══ Material shown

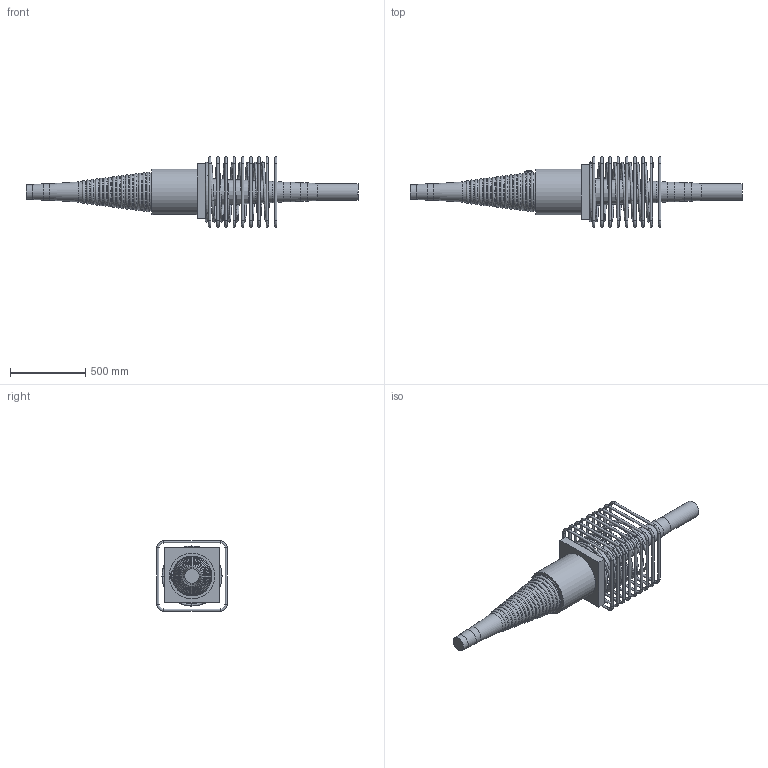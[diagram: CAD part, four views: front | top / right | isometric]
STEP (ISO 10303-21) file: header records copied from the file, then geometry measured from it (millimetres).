
FILE_DESCRIPTION(/* description */ (''),/* implementation_level */ '2;1');
FILE_NAME(/* name */ 'Z:\04 Publications\05 Give-out\BBR\6_3D_Models\BBR VT CONA CMI\BBR VT CONA CMI SP\02206\BBR VT CONA CMI SP 2206_Coupler H Assembly_CS-34,28.stp',/* time_stamp */ '2017-05-05T16:20:59+02:00',/* author */ ('IP'),/* organization */ (''),/* preprocessor_version */ 'ST-DEVELOPER v16.1',/* originating_system */ 'Autodesk Inventor 2016',/* authorisation */ '');
FILE_SCHEMA (('AUTOMOTIVE_DESIGN { 1 0 10303 214 3 1 1 }'));
Products named in the file (1): BBR VT CONA CMI SP 2206_Coupler H Assembly_CS-34,28
Bounding box: 2212 x 470 x 470 mm (x, y, z)
Volume: 69930378.2 mm3; surface area: 2821673.7 mm2
Topology: 11 solids, 11 shells, 901 faces, 2334 edges, 1495 vertices
Faces by surface type: bspline 420, plane 260, cylinder 108, torus 95, cone 18
Full cylindrical faces by diameter (mm): 16 x36, 33 x1, 56 x1, 99 x1, 109 x1, 111.725 x1, 121.793 x1, 131.862 x1, 141.932 x1, 305 x1
Entity records: 40961 total; most frequent: CARTESIAN_POINT 21883, ORIENTED_EDGE 4346, DIRECTION 2706, EDGE_CURVE 2170, VERTEX_POINT 1490, EDGE_LOOP 1123, LINE 914, VECTOR 914

════

* **Assigned task**
In the listing above, count every line that contains "records". Respond with the number alone.

* **Answer space**
2